The Hacker Crackdown: Law and Disorder on the Electronic Frontier
- First edition
- Author: Bruce Sterling
- Cover artist: Kirschner Caroff
- Language: English
- Genre: Electronic Crime
- Publisher: Bantam Books
- Publication date: November 1, 1992
- Publication place: United States
- Media type: Print
- Pages: 336
- ISBN: 0-553-56370-X
- OCLC: 30469826

= The Hacker Crackdown =

Book by Bruce Sterling

The Hacker Crackdown: Law and Disorder on the Electronic Frontier is a work of nonfiction by Bruce Sterling first published in 1992.

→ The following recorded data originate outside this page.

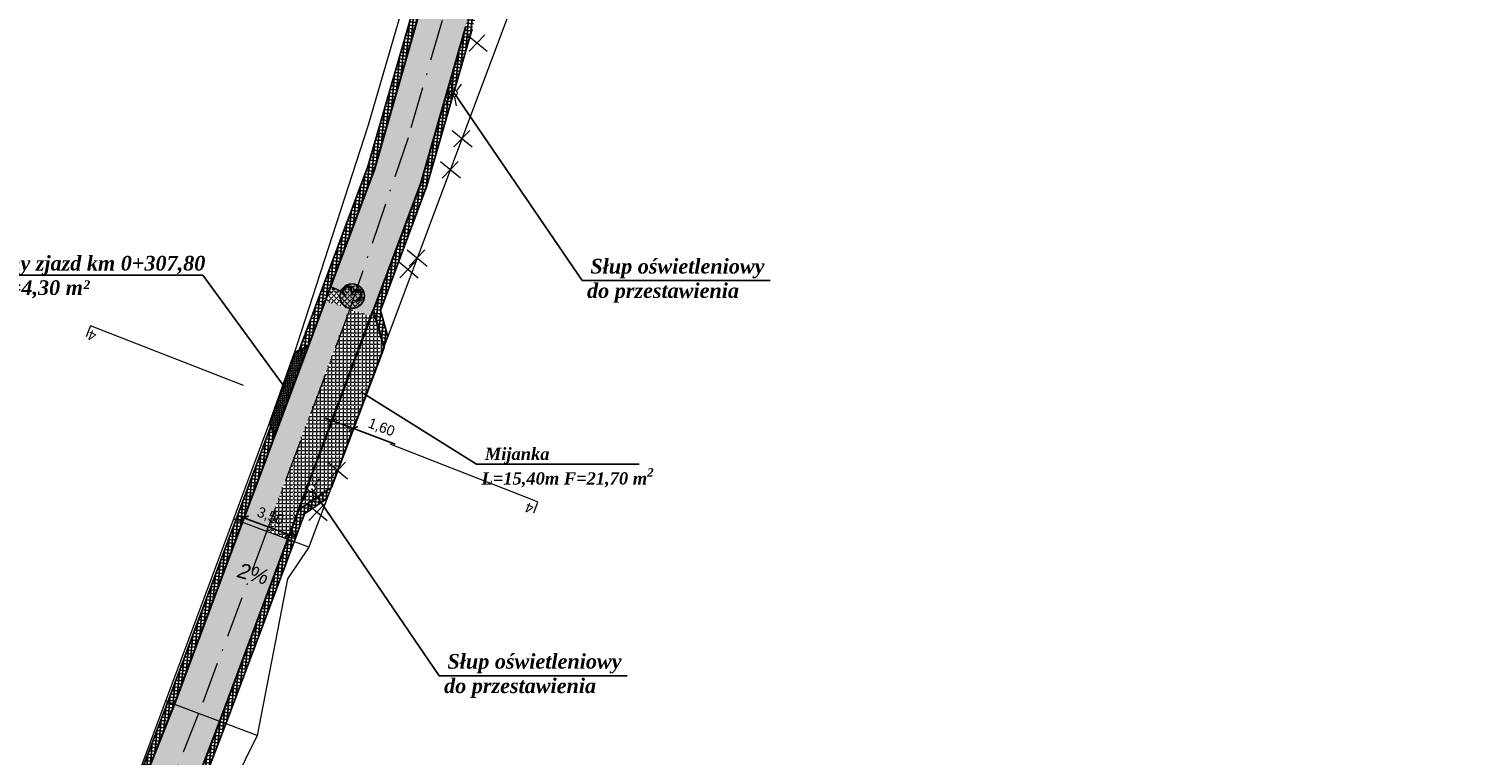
# Model space of a CAD drawing. Header units: metres. Extents: x 5555129 to 5556676, y 5635595 to 5636517.
# Tile 184 of 256: x 5556186 to 5556290, y 5635684 to 5635736. Entities that reach past the tile are written whole.
import ezdxf

# ---------------------------------------------------------------- set-up
doc = ezdxf.new("R2010")
doc.units = ezdxf.units.M
doc.header["$MEASUREMENT"] = 0
doc.linetypes.add('KROPK3-2', pattern=[5, 3, -1, 0, -1])
doc.linetypes.add('PRZER3-1', pattern=[4, 3, -1])
for name, color, linetype, lineweight, true_color in [('drogi', 7, 'Continuous', 20, 0xd6bc51), ('GESDZI_O', 7, 'Continuous', 18, 0x0a0909), ('GESKKL_O', 7, 'PRZER3-1', 18, 0x008000)]:
    doc.layers.add(name, color=color, linetype=linetype, lineweight=lineweight, true_color=true_color)
doc.layers.add('Warstwa 1', color=220, linetype='Continuous', lineweight=20)
doc.styles.add('GEO-INFO', font='plfontwi.shx', dxfattribs={"height": 0.25})
doc.styles.get("Standard").update_dxf_attribs({"font": 'plfontwi.shx', "height": 0.75})
doc.dimstyles.new('ISO-25', dxfattribs={"dimtxt": 2.5, "dimasz": 2.5, "dimexe": 1.25, "dimexo": 0.625, "dimtad": 1, "dimtxsty": 'Standard', "dimcen": 2.5, "dimadec": 0, "dimazin": 0, "dimtfac": 1, "dimtmove": 0, "dimatfit": 3, "dimfxl": 1, "dimarcsym": 0})
pattern_1 = [(85, (511.457, -240.33497), (-0.249048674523, 0.021788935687), []), (175, (511.457, -240.33497), (-0.021788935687, -0.249048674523), [])]
pattern_2 = [(0, (511.457, -240.33497), (0, 0.275), [0.2, -0.075]), (90, (511.457, -240.33497), (-0.275, 2e-17), [0.2, -0.075])]

# ---------------------------------------------------------------- blocks, each defined once
blk = doc.blocks.new('_Oblique')
at = {"color": 0, "linetype": 'ByBlock', "lineweight": -2}
blk.add_line((-0.5, -0.5), (0.5, 0.5), dxfattribs=at)
blk = doc.blocks.new('*D2581')
at = {"layer": 'Defpoints', "color": 0, "linetype": 'Continuous', "lineweight": 18}
for p in [(5556207.48, 5635707.82), (5556209.03, 5635707.24), (5556209.03, 5635707.24)]:
    blk.add_point(p, dxfattribs=at)
at = {"layer": 'Warstwa 1', "color": 0, "linetype": 'Continuous', "lineweight": -2}
for p, q in [((5556207.02, 5635707.99), (5556209.03, 5635707.24)), ((5556207.26, 5635707.23), (5556207.05, 5635706.65)), ((5556209.03, 5635707.24), (5556212.07, 5635706.1)), ((5556208.81, 5635706.65), (5556208.59, 5635706.07))]:
    blk.add_line(p, q, dxfattribs=at)
at = {"layer": 'Warstwa 1', "color": 0, "linetype": 'ByBlock', "lineweight": -2, "xscale": 0.5, "yscale": 0.5, "zscale": 0.5}
for p, rotation in [((5556207.48, 5635707.82), 159.4646525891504), ((5556209.03, 5635707.24), 339.4646525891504)]:
    blk.add_blockref('_Oblique', p, dxfattribs=dict(at, rotation=rotation))
at = {"layer": 'Warstwa 1', "color": 0, "linetype": 'Continuous', "lineweight": 20, "insert": (5556211.05, 5635707.28), "char_height": 0.75, "attachment_point": 5, "rotation": 339.4647}
blk.add_mtext('1,60', dxfattribs=at)
blk = doc.blocks.new('*D2590')
at = {"layer": 'Defpoints', "color": 0, "linetype": 'Continuous', "lineweight": 18}
for p in [(5556200.99, 5635700.43), (5556204.27, 5635699.21), (5556204.39, 5635699.53)]:
    blk.add_point(p, dxfattribs=at)
at = {"layer": 'Warstwa 1', "color": 0, "linetype": 'Continuous', "lineweight": -2}
for p, q in [((5556201.21, 5635701.02), (5556201.55, 5635701.93)), ((5556200.64, 5635700.93), (5556204.86, 5635699.36)), ((5556204.49, 5635699.79), (5556204.83, 5635700.7))]:
    blk.add_line(p, q, dxfattribs=at)
at = {"layer": 'Warstwa 1', "color": 0, "linetype": 'ByBlock', "lineweight": -2, "xscale": 0.5, "yscale": 0.5, "zscale": 0.5}
for p, rotation in [((5556201.11, 5635700.75), 159.5175467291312), ((5556204.39, 5635699.53), 339.5175467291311)]:
    blk.add_blockref('_Oblique', p, dxfattribs=dict(at, rotation=rotation))
at = {"layer": 'Warstwa 1', "color": 0, "linetype": 'Continuous', "lineweight": 20, "insert": (5556203.01, 5635700.84), "char_height": 0.75, "attachment_point": 5, "rotation": 339.5175}
blk.add_mtext('3,50', dxfattribs=at)

msp = doc.modelspace()

# ---------------------------------------------------------------- hatches: boundary and pattern name
h = msp.add_hatch()
h.set_pattern_fill('ANSI37', color=141, scale=2, angle=40)
h.set_pattern_definition(pattern_1)
h.paths.add_polyline_path([(5556221.92682, 5635756.50462), (5556221.36128, 5635756.527, 0.06330826), (5556213.29997, 5635737.41693), (5556212.58258, 5635734.91617), (5556213.06384, 5635734.78056), (5556213.78104, 5635737.28065, -0.064125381)])
h.paths.add_polyline_path([(5556225.61497, 5635754.88515, -0.403717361), (5556225.36067, 5635755.14877, -0.764323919), (5556225.85189, 5635755.28238, -0.000583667), (5556225.9455, 5635755.43786), (5556225.64928, 5635755.68317), (5556225.73993, 5635756.06254, 0.069112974), (5556217.14859, 5635736.32684), (5556216.4327, 5635733.83133), (5556216.91397, 5635733.69572), (5556217.62968, 5635736.1906, -0.065662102)])
h = msp.add_hatch()
h.set_pattern_fill('ANSI37', color=141, scale=2, angle=40)
h.set_pattern_definition(pattern_1)
h.paths.add_polyline_path([(5556210.08628, 5635726.21436), (5556205.11358, 5635712.90184), (5556205.77114, 5635713.2333), (5556210.56151, 5635726.05771), (5556213.06384, 5635734.78056), (5556212.58258, 5635734.91617)])
h.paths.add_polyline_path([(5556216.91397, 5635733.69572), (5556216.4327, 5635733.83133), (5556213.8881, 5635724.96111), (5556210.47102, 5635715.81318), (5556211.23268, 5635713.11099), (5556211.52911, 5635713.90233), (5556210.99664, 5635715.79143), (5556214.36332, 5635724.80446)])
h = msp.add_hatch()
h.set_pattern_fill('ANSI37', color=141, scale=2, angle=40)
h.set_pattern_definition(pattern_1)
h.paths.add_polyline_path([(5556203.32959, 5635706.69699), (5556203.05774, 5635707.3981), (5556200.52097, 5635700.60686), (5556200.9892, 5635700.43147)])
h.paths.add_polyline_path([(5556200.9892, 5635700.43147), (5556200.52097, 5635700.60686), (5556199.57931, 5635698.08592), (5556195.59375, 5635687.41566), (5556196.06207, 5635687.24073), (5556196.06489, 5635687.24807), (5556200.0477, 5635697.91096)])
h.paths.add_polyline_path([(5556205.49169, 5635701.05403), (5556207.11979, 5635702.12587), (5556207.31362, 5635702.88396), (5556205.0794, 5635701.37917), (5556204.26679, 5635699.20372), (5556204.73502, 5635699.02833)])
h.paths.add_polyline_path([(5556204.73502, 5635699.02833), (5556204.26679, 5635699.20372), (5556203.32642, 5635696.68624), (5556199.34089, 5635686.01603), (5556199.80928, 5635685.84107), (5556203.79481, 5635696.51128)])
h = msp.add_hatch()
h.set_pattern_fill('ANSI37', color=141, scale=2, angle=40)
h.set_pattern_definition(pattern_1)
h.paths.add_polyline_path([(5556191.86825, 5635677.70899), (5556191.10969, 5635676.49671), (5556190.26975, 5635674.86473), (5556190.77696, 5635675.0354), (5556192.13452, 5635677.41806), (5556196.06197, 5635687.24077), (5556195.59366, 5635687.41569)])
h.paths.add_polyline_path([(5556199.80574, 5635685.8316), (5556199.80928, 5635685.84107), (5556199.34095, 5635686.016), (5556195.85675, 5635676.93778, 0.058451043), (5556195.8045, 5635675.51617), (5556195.91365, 5635675.69062)])
at = {"layer": 'drogi', "lineweight": 5, "true_color": 0xf4e08b}
h = msp.add_hatch(dxfattribs=at)
h.set_pattern_fill('ANGLE', color=41)
h.set_pattern_definition(pattern_2)
edge = h.paths.add_edge_path()
edge.add_line((5556226.76796, 5635760.84477), (5556224.67399, 5635760.88165))
edge.add_arc((5556267.17255, 5635731.89504), 51.44271, 145.7036249, 151.3750795)
edge.add_line((5556222.01745, 5635756.53988), (5556224.07165, 5635756.5326))
edge.add_arc((5556263.79817, 5635734.69149), 45.33465, 144.7676321, 151.1985873, ccw=False)
edge = h.paths.add_edge_path()
edge.add_line((5556228.88249, 5635760.80752), (5556226.76796, 5635760.84477))
edge.add_arc((5556292.49256, 5635715.26599), 79.98217, 145.2594145, 147.8330462)
edge.add_line((5556224.78762, 5635757.84755), (5556226.85942, 5635757.8402))
edge.add_arc((5556292.49256, 5635715.26599), 78.23217, 144.3992904, 147.0297571, ccw=False)
edge = h.paths.add_edge_path()
edge.add_arc((5556208.93845, 5635716.82856), 0.89118, 258.6953568, 359.9999999, ccw=False)
edge.add_line((5556208.76375, 5635715.95467), (5556208.74218, 5635715.89691))
edge.add_line((5556208.74218, 5635715.89691), (5556210.31174, 5635715.38677))
edge.add_line((5556210.31174, 5635715.38677), (5556210.47102, 5635715.81318))
edge.add_line((5556210.47102, 5635715.81318), (5556213.8881, 5635724.96111))
edge.add_line((5556213.8881, 5635724.96111), (5556217.14859, 5635736.32684))
edge.add_arc((5556292.89337, 5635715.12278), 78.65675, 147.1183125, 164.3608973, ccw=False)
edge.add_line((5556226.83795, 5635757.826), (5556224.80909, 5635757.86174))
edge.add_arc((5556292.04507, 5635715.42427), 79.50859, 147.7410202, 164.4014895)
edge.add_line((5556215.46481, 5635736.80371), (5556212.99362, 5635728.3054))
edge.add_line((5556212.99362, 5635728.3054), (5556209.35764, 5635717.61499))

The book discusses watershed events in the hacker subculture in the early 1990s. The most notable topic covered is Operation Sundevil and the events surrounding the 1987–1990 war on the Legion of Doom network: the raid on Steve Jackson Games, the trial of "Knight Lightning" (one of the original journalists of Phrack), and the subsequent formation of the Electronic Frontier Foundation. The book also profiles the likes of "Emmanuel Goldstein" (publisher of 2600: The Hacker Quarterly), the former assistant attorney general of Arizona Gail Thackeray, FLETC instructor Carlton Fitzpatrick, Mitch Kapor, and John Perry Barlow.

In 1994, Sterling released the book for the Internet with a new afterword.

==Critical reception==
Cory Doctorow, who voiced an unabridged podcast of the book, said it "inspired me politically, artistically and socially".